Pero Jesús trabajó verdaderamente para vivir, como un pobre, según la obligación impuesta a Adán. “Quien no enseña a su hijo un oficio, le enseña el robo”, decía un precepto rabínico. El artesano que acostumbramos a llamar carpintero era, en realidad, un obrero que conocía todos los oficios de la madera, que lo mismo encuadraba las vigas que sostendrían las terrazas, que fabricaba yugos, varas de carro o aguijones o camas, cofres, sitiales, artesas y amasaderos. “Tekton” en griego y “nagga” en arameo significan a la vez carpintero y maestro ebanista. “El labrador, el herrero, el albañil y el carpintero –ha observado Papini justamente– son los obreros cuyas artes manuales están más mezcladas en la vida humana, los más inocentes y los más religiosos”.
La vida que llevó Jesús fue la de un pobre. Su alimentación fue la del pueblo galileo: pan con cebada, muy poca carne, huevos, requesón, legumbres y, los días festivos, “pescados asados, que fertilizan el cuerpo del hombre”, como decían los rabinos.

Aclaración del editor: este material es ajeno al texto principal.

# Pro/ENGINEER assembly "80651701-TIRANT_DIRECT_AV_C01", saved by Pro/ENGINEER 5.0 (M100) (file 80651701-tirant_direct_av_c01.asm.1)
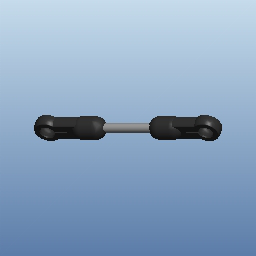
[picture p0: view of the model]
Units: millimeter Newton Second (mmNs); MM, TONNE, HOURS

Other components: 80022001-CHAPE_STD-DR_C01, 80465046-TIRANT_ACIER_LONG2_C01, 80022001-CHAPE_STD-DR_C01

Other named items: A-DROITE, A-DESSUS, A-FACE, A-R0
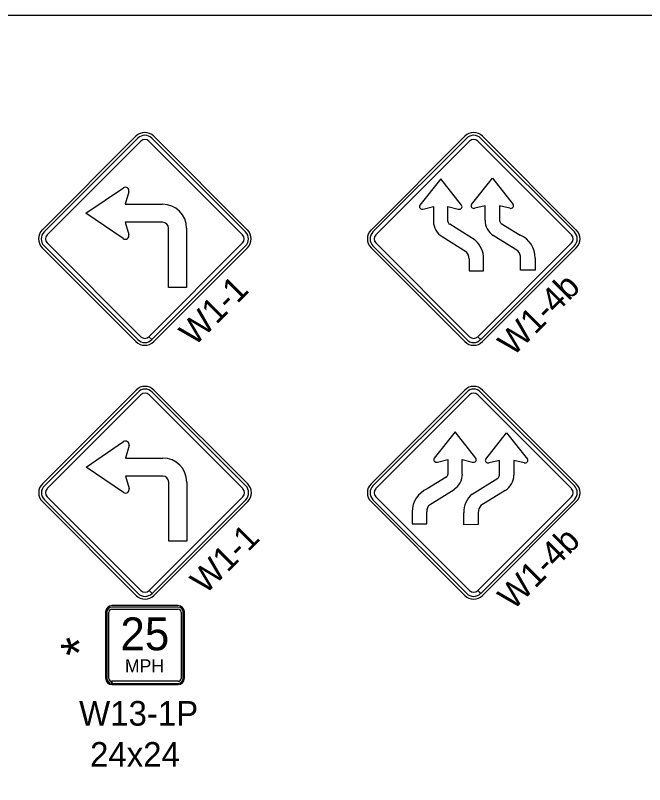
# Model space of a CAD drawing. Extents: x 1458 to 4498, y 17709 to 24109.
# Drawn here: x 2099.9 to 2482.6, y 23641.3 to 24109.1 of the extents above; entities that cross this region are included whole.
import ezdxf

# ---------------------------------------------------------------- set-up
doc = ezdxf.new("R2010")
doc.units = 0
doc.layers.add('P_TRAF_TCP_General', color=7, linetype='Continuous')

msp = doc.modelspace()

# ---------------------------------------------------------------- linework, layer by layer
at = {"layer": 'P_TRAF_TCP_General'}
for p, q in [((2173.24, 24035.63), (2116.24, 23978.62)), ((2241.1, 23978.62), (2184.09, 24035.63)), ((2373.24, 24035.63), (2316.24, 23978.62)), ((2441.1, 23978.62), (2384.09, 24035.63)), ((2174.43, 24034.44), (2117.42, 23977.44)), ((2174.43, 24034.44), (2117.42, 23977.44)), ((2119.19, 23975.67), (2176.19, 24032.68)), ((2119.19, 23975.67), (2176.19, 24032.68)), ((2181.14, 24032.68), (2238.15, 23975.67)), ((2181.14, 24032.68), (2238.15, 23975.67)), ((2239.91, 23977.44), (2182.91, 24034.44)), ((2239.91, 23977.44), (2182.91, 24034.44)), ((2374.43, 24034.44), (2317.42, 23977.44)), ((2374.43, 24034.44), (2317.42, 23977.44)), ((2319.19, 23975.67), (2376.19, 24032.68)), ((2319.19, 23975.67), (2376.19, 24032.68)), ((2381.14, 24032.68), (2438.15, 23975.67)), ((2381.14, 24032.68), (2438.15, 23975.67)), ((2439.91, 23977.44), (2382.91, 24034.44)), ((2439.91, 23977.44), (2382.91, 24034.44)), ((2358.65, 24009.66), (2346.01, 23993.67)), ((2371.28, 23993.67), (2358.65, 24009.66)), ((2377.39, 23994.18), (2390.02, 24010.17)), ((2390.02, 24010.17), (2402.63, 23994.21)), ((2142.78, 23988.82), (2165.58, 24004.26)), ((2168.95, 24001.88), (2166.75, 23994.31)), ((2166.75, 23994.31), (2189.42, 23994.31)), ((2377.39, 23994.18), (2377.39, 23994.18)), ((2385.57, 23993.37), (2379.38, 23991.83)), ((2385.57, 23984.52), (2385.57, 23993.37)), ((2400.66, 23991.83), (2394.4, 23993.39)), ((2394.4, 23993.39), (2394.4, 23984.36)), ((2165.54, 23973.4), (2142.78, 23988.82)), ((2348.01, 23991.32), (2354.2, 23992.86)), ((2354.2, 23992.86), (2354.2, 23983.81)), ((2363.02, 23983.85), (2363.02, 23992.88)), ((2363.02, 23992.88), (2369.28, 23991.32)), ((2189.42, 23983.33), (2166.75, 23983.33)), ((2166.75, 23983.33), (2168.92, 23975.86)), ((2193.1, 23943.71), (2193.1, 23979.65)), ((2204.08, 23979.65), (2204.08, 23943.71)), ((2379.66, 23972.37), (2364.07, 23982.12)), ((2395.44, 23982.63), (2406.91, 23975.46)), ((2359.45, 23974.6), (2374.23, 23965.36)), ((2405.6, 23965.87), (2390.59, 23975.25)), ((2176.19, 23913.72), (2119.19, 23970.72)), ((2238.15, 23970.72), (2181.16, 23913.74)), ((2238.15, 23970.72), (2181.16, 23913.74)), ((2376.19, 23913.72), (2319.19, 23970.72)), ((2438.15, 23970.72), (2381.16, 23913.74)), ((2438.15, 23970.72), (2381.16, 23913.74)), ((2116.24, 23967.77), (2173.24, 23910.77)), ((2117.42, 23968.96), (2174.43, 23911.95)), ((2117.42, 23968.96), (2174.43, 23911.95)), ((2182.93, 23911.97), (2239.91, 23968.96)), ((2182.93, 23911.97), (2239.91, 23968.96)), ((2184.09, 23910.77), (2241.1, 23967.77)), ((2316.24, 23967.77), (2373.24, 23910.77)), ((2317.42, 23968.96), (2374.43, 23911.95)), ((2317.42, 23968.96), (2374.43, 23911.95)), ((2382.93, 23911.97), (2439.91, 23968.96)), ((2382.93, 23911.97), (2439.91, 23968.96)), ((2384.09, 23910.77), (2441.1, 23967.77)), ((2375.86, 23961.11), (2375.85, 23953.77)), ((2384.67, 23953.76), (2384.68, 23961.05)), ((2407.22, 23954.28), (2407.23, 23961.63)), ((2416.06, 23961.59), (2416.05, 23954.27)), ((2375.85, 23953.77), (2384.67, 23953.76)), ((2416.05, 23954.27), (2407.22, 23954.28)), ((2204.08, 23943.71), (2193.1, 23943.71)), ((2182.91, 23911.95), (2181.14, 23913.72)), ((2182.91, 23911.95), (2181.14, 23913.72)), ((2181.16, 23913.74), (2182.93, 23911.97)), ((2181.16, 23913.74), (2182.93, 23911.97)), ((2382.91, 23911.95), (2381.14, 23913.72)), ((2382.91, 23911.95), (2381.14, 23913.72)), ((2381.16, 23913.74), (2382.93, 23911.97)), ((2381.16, 23913.74), (2382.93, 23911.97)), ((2173.36, 23881.27), (2116.35, 23824.27)), ((2241.21, 23824.27), (2184.21, 23881.27)), ((2373.24, 23881.27), (2316.24, 23824.27)), ((2441.1, 23824.27), (2384.09, 23881.27)), ((2174.54, 23880.09), (2117.54, 23823.08)), ((2119.3, 23821.32), (2176.31, 23878.32)), ((2181.26, 23878.32), (2238.26, 23821.32)), ((2240.03, 23823.08), (2183.02, 23880.09)), ((2374.43, 23880.09), (2317.42, 23823.08)), ((2374.43, 23880.09), (2317.42, 23823.08)), ((2319.19, 23821.32), (2376.19, 23878.32)), ((2319.19, 23821.32), (2376.19, 23878.32)), ((2381.14, 23878.32), (2438.15, 23821.32)), ((2381.14, 23878.32), (2438.15, 23821.32)), ((2439.91, 23823.08), (2382.91, 23880.09)), ((2439.91, 23823.08), (2382.91, 23880.09)), ((2367.31, 23855.83), (2354.71, 23839.87)), ((2379.95, 23839.84), (2367.31, 23855.83)), ((2386.05, 23839.33), (2398.69, 23855.32)), ((2398.69, 23855.32), (2411.32, 23839.33)), ((2142.89, 23834.46), (2165.69, 23849.91)), ((2169.06, 23847.52), (2166.87, 23839.95)), ((2166.87, 23839.95), (2189.54, 23839.95)), ((2356.68, 23837.49), (2362.94, 23839.05)), ((2362.94, 23839.05), (2362.94, 23830.02)), ((2371.76, 23830.18), (2371.76, 23839.03)), ((2371.76, 23839.03), (2377.95, 23837.49)), ((2379.95, 23839.84), (2379.95, 23839.84)), ((2165.66, 23819.04), (2142.89, 23834.46)), ((2394.31, 23838.54), (2388.05, 23836.98)), ((2394.31, 23829.51), (2394.31, 23838.54)), ((2409.33, 23836.98), (2403.14, 23838.52)), ((2403.14, 23838.52), (2403.14, 23829.47)), ((2189.54, 23828.97), (2166.87, 23828.97)), ((2166.87, 23828.97), (2169.03, 23821.5)), ((2193.21, 23789.36), (2193.21, 23825.3)), ((2204.19, 23825.3), (2204.19, 23789.36)), ((2361.89, 23828.29), (2350.42, 23821.12)), ((2377.67, 23818.03), (2393.27, 23827.78)), ((2351.73, 23811.53), (2366.74, 23820.91)), ((2397.89, 23820.26), (2383.11, 23811.02)), ((2176.31, 23759.36), (2119.3, 23816.37)), ((2238.26, 23816.37), (2181.27, 23759.38)), ((2376.19, 23759.36), (2319.19, 23816.37)), ((2438.15, 23816.37), (2381.16, 23759.38)), ((2438.15, 23816.37), (2381.16, 23759.38)), ((2116.35, 23813.42), (2173.36, 23756.41)), ((2117.54, 23814.6), (2174.54, 23757.6)), ((2183.04, 23757.62), (2240.03, 23814.6)), ((2184.21, 23756.41), (2241.21, 23813.42)), ((2316.24, 23813.42), (2373.24, 23756.41)), ((2317.42, 23814.6), (2374.43, 23757.6)), ((2317.42, 23814.6), (2374.43, 23757.6)), ((2382.93, 23757.62), (2439.91, 23814.6)), ((2382.93, 23757.62), (2439.91, 23814.6)), ((2384.09, 23756.41), (2441.1, 23813.42)), ((2341.28, 23807.25), (2341.29, 23799.93)), ((2350.11, 23799.94), (2350.1, 23807.29)), ((2372.66, 23799.42), (2372.65, 23806.71)), ((2381.48, 23806.77), (2381.49, 23799.43)), ((2341.29, 23799.93), (2350.11, 23799.94)), ((2381.49, 23799.43), (2372.66, 23799.42)), ((2204.19, 23789.36), (2193.21, 23789.36)), ((2183.02, 23757.6), (2181.26, 23759.36)), ((2183.02, 23757.6), (2181.26, 23759.36)), ((2181.27, 23759.38), (2183.04, 23757.62)), ((2181.27, 23759.38), (2183.04, 23757.62)), ((2382.91, 23757.6), (2381.14, 23759.36)), ((2382.91, 23757.6), (2381.14, 23759.36)), ((2381.16, 23759.38), (2382.93, 23757.62)), ((2381.16, 23759.38), (2382.93, 23757.62)), ((2198.97, 23750.17), (2158.59, 23750.17)), ((2154.79, 23746.37), (2154.79, 23705.99)), ((2155.59, 23746.31), (2155.59, 23705.93)), ((2155.59, 23746.31), (2155.59, 23705.93)), ((2156.84, 23705.93), (2156.84, 23746.31)), ((2198.97, 23749.31), (2158.59, 23749.31)), ((2198.97, 23749.31), (2158.59, 23749.31)), ((2158.59, 23748.06), (2198.97, 23748.06)), ((2200.72, 23746.31), (2200.72, 23705.93)), ((2201.97, 23705.93), (2201.97, 23746.31)), ((2201.97, 23705.93), (2201.97, 23746.31)), ((2202.77, 23705.99), (2202.77, 23746.37)), ((2158.59, 23702.93), (2158.59, 23704.18)), ((2198.97, 23704.18), (2158.6, 23704.18)), ((2158.6, 23704.18), (2158.6, 23702.93)), ((2158.59, 23702.93), (2198.97, 23702.93)), ((2158.59, 23702.19), (2198.97, 23702.19)), ((2158.6, 23702.93), (2198.97, 23702.93))]:
    msp.add_line(p, q, dxfattribs=at)
msp.add_lwpolyline([(4498.44, 24109.14), (1458.44, 24109.14), (1458.44, 22109.14), (4498.44, 22109.14)], close=True, dxfattribs=at)
for centre, radius, start, end in [((2178.67, 24030.2), 7.67, 45, 135), ((2178.67, 24030.2), 6, 45, 135), ((2178.67, 24030.2), 6, 45, 135), ((2378.67, 24030.2), 7.67, 45, 135), ((2378.67, 24030.2), 6, 45, 135), ((2378.67, 24030.2), 6, 45, 135), ((2178.67, 24030.2), 3.5, 45, 135), ((2178.67, 24030.2), 3.5, 45, 135), ((2378.67, 24030.2), 3.5, 45, 135), ((2378.67, 24030.2), 3.5, 45, 135), ((2166.81, 24002.44), 2.2, 345.3263, 124.1134), ((2189.42, 23979.65), 14.65, 0, 90), ((2365.12, 23983.94), 10.93, 180.6628, 238.6922), ((2365.12, 23983.94), 2.1, 182.2287, 239.8806), ((2396.5, 23984.45), 10.93, 179.6179, 237.2958), ((2396.5, 23984.45), 2.1, 182.4295, 239.8797), ((2189.42, 23979.65), 3.67, 0, 90), ((2121.66, 23973.2), 7.67, 135, 225), ((2121.66, 23973.2), 6, 135, 225), ((2121.66, 23973.2), 6, 135, 225), ((2121.66, 23973.2), 3.5, 135, 225), ((2121.66, 23973.2), 3.5, 135, 225), ((2166.81, 23975.2), 2.2, 234.773, 17.4627), ((2235.67, 23973.2), 3.5, 315, 45), ((2235.67, 23973.2), 3.5, 315, 45), ((2235.67, 23973.2), 6, 315, 45), ((2235.67, 23973.2), 6, 315, 45), ((2235.67, 23973.2), 7.67, 315, 45), ((2321.66, 23973.2), 7.67, 135, 225), ((2321.66, 23973.2), 6, 135, 225), ((2321.66, 23973.2), 6, 135, 225), ((2321.66, 23973.2), 3.5, 135, 225), ((2321.66, 23973.2), 3.5, 135, 225), ((2401.2, 23961.75), 14.85, 359.3947, 67.4081), ((2435.67, 23973.2), 3.5, 315, 45), ((2435.67, 23973.2), 3.5, 315, 45), ((2435.67, 23973.2), 6, 315, 45), ((2435.67, 23973.2), 6, 315, 45), ((2435.67, 23973.2), 7.67, 315, 45), ((2369.83, 23961.24), 14.85, 359.2809, 48.5613), ((2369.93, 23961.27), 5.93, 358.3973, 43.563), ((2401.3, 23961.78), 5.93, 358.5119, 43.5629), ((2178.67, 23916.19), 3.5, 225, 315), ((2178.67, 23916.19), 3.5, 225, 315), ((2378.67, 23916.19), 3.5, 225, 315), ((2378.67, 23916.19), 3.5, 225, 315), ((2178.67, 23916.19), 7.67, 225, 315), ((2178.67, 23916.19), 6, 225, 315), ((2178.67, 23916.19), 6, 225, 315), ((2378.67, 23916.19), 7.67, 225, 315), ((2378.67, 23916.19), 6, 225, 315), ((2378.67, 23916.19), 6, 225, 315), ((2178.78, 23875.85), 7.67, 45, 135), ((2178.78, 23875.85), 6, 45, 135), ((2378.67, 23875.85), 7.67, 45, 135), ((2378.67, 23875.85), 6, 45, 135), ((2378.67, 23875.85), 6, 45, 135), ((2178.78, 23875.85), 3.5, 45, 135), ((2378.67, 23875.85), 3.5, 45, 135), ((2378.67, 23875.85), 3.5, 45, 135), ((2166.93, 23848.08), 2.2, 345.3263, 124.1134), ((2189.54, 23825.3), 14.65, 0, 90), ((2360.84, 23830.11), 2.1, 300.1203, 357.5705), ((2360.84, 23830.11), 10.93, 302.7042, 0.3821), ((2392.21, 23829.6), 2.1, 300.1194, 357.7713), ((2392.21, 23829.6), 10.93, 301.3078, 359.3372), ((2189.54, 23825.3), 3.67, 0, 90), ((2121.78, 23818.84), 7.67, 135, 225), ((2121.78, 23818.84), 6, 135, 225), ((2121.78, 23818.84), 6, 135, 225), ((2121.78, 23818.84), 3.5, 135, 225), ((2121.78, 23818.84), 3.5, 135, 225), ((2166.93, 23820.84), 2.2, 234.773, 17.4627), ((2235.79, 23818.84), 3.5, 315, 45), ((2235.79, 23818.84), 3.5, 315, 45), ((2235.79, 23818.84), 6, 315, 45), ((2235.79, 23818.84), 6, 315, 45), ((2235.79, 23818.84), 7.67, 315, 45), ((2321.66, 23818.84), 7.67, 135, 225), ((2321.66, 23818.84), 6, 135, 225), ((2321.66, 23818.84), 6, 135, 225), ((2321.66, 23818.84), 3.5, 135, 225), ((2321.66, 23818.84), 3.5, 135, 225), ((2356.13, 23807.41), 14.85, 112.5919, 180.6053), ((2435.67, 23818.84), 3.5, 315, 45), ((2435.67, 23818.84), 3.5, 315, 45), ((2435.67, 23818.84), 6, 315, 45), ((2435.67, 23818.84), 6, 315, 45), ((2435.67, 23818.84), 7.67, 315, 45), ((2387.5, 23806.9), 14.85, 131.4387, 180.7191), ((2356.03, 23807.45), 5.93, 136.4371, 181.4881), ((2387.41, 23806.93), 5.93, 136.437, 181.6027), ((2178.78, 23761.84), 3.5, 225, 315), ((2378.67, 23761.84), 3.5, 225, 315), ((2378.67, 23761.84), 3.5, 225, 315), ((2178.78, 23761.84), 7.67, 225, 315), ((2178.78, 23761.84), 6, 225, 315), ((2378.67, 23761.84), 7.67, 225, 315), ((2378.67, 23761.84), 6, 225, 315), ((2378.67, 23761.84), 6, 225, 315), ((2158.59, 23746.37), 3.8, 90, 180), ((2198.97, 23746.37), 3.8, 0, 90), ((2158.59, 23746.31), 3, 90, 180), ((2158.59, 23746.31), 3, 90, 180), ((2158.59, 23746.31), 1.75, 90, 180), ((2198.97, 23746.31), 3, 0, 90), ((2198.97, 23746.31), 3, 0, 90), ((2198.97, 23746.31), 1.75, 0, 90), ((2158.59, 23705.99), 3.8, 180, 270), ((2158.59, 23705.93), 3, 180, 270), ((2158.59, 23705.93), 3, 180, 270), ((2158.59, 23705.93), 1.75, 180, 270), ((2198.97, 23705.99), 3.8, 270, 0), ((2198.97, 23705.93), 3, 270, 0), ((2198.97, 23705.93), 3, 270, 0), ((2198.97, 23705.93), 1.75, 270, 0)]:
    msp.add_arc(centre, radius, start, end, dxfattribs=at)
for centre, major_axis, start_param, end_param in [((2347.51, 23992.81), (1.8, 0), 2.546183, 4.994883), ((2369.79, 23992.81), (1.8, 0), 4.429945, 6.875191), ((2378.88, 23993.32), (1.8, 0), 2.546183, 4.994883), ((2401.16, 23993.32), (1.8, 0), 4.429945, 6.902987), ((2356.17, 23838.98), (-1.8, 0), 5.663384, 8.136425), ((2378.45, 23838.98), (-1.8, 0), 1.288302, 3.737003), ((2387.55, 23838.47), (-1.8, 0), 5.69118, 8.136425), ((2409.83, 23838.47), (-1.8, 0), 1.288302, 3.737003)]:
    msp.add_ellipse(centre, major_axis=major_axis, ratio=0.857143, start_param=start_param, end_param=end_param, dxfattribs=at)

# ---------------------------------------------------------------- texts
for s, height, rotation, p in [('W1-1', 14.994, 45, (2208.82, 23907.47)), ('W1-4b', 14.994, 45, (2402.58, 23901.24)), ('W1-1', 14.994, 45, (2215.52, 23756.53)), ('W1-4b', 14.994, 45, (2402.58, 23746.88)), ('*', 22.14, 90, (2149.88, 23719.64))]:
    msp.add_text(s, height=height, rotation=rotation, dxfattribs=at).set_placement(p)
for s, height, p in [('25', 19.992, (2163.79, 23723.02)), ('MPH', 7.997, (2166.56, 23709.53)), ('W13-1P', 14.994, (2138.67, 23677.2)), ('24x24', 14.994, (2145.34, 23652.21))]:
    msp.add_text(s, height=height, dxfattribs=at).set_placement(p)

doc.saveas('drawing.dxf')

Bien se comprende, al leer las parábolas de la Escritura, que Jesús no se acercó nunca a los ricos y a los poderosos de la tierra; pues habló del lujo con esa tendencia simplificadora que se ve en los humildes. Y cuando evocó la dracma perdida, pudo, sin duda, acordarse de cuando su madre buscaba, lámpara en mano, por la pobre casa una monedita extraviada y se alegraba tanto cuando la encontraba.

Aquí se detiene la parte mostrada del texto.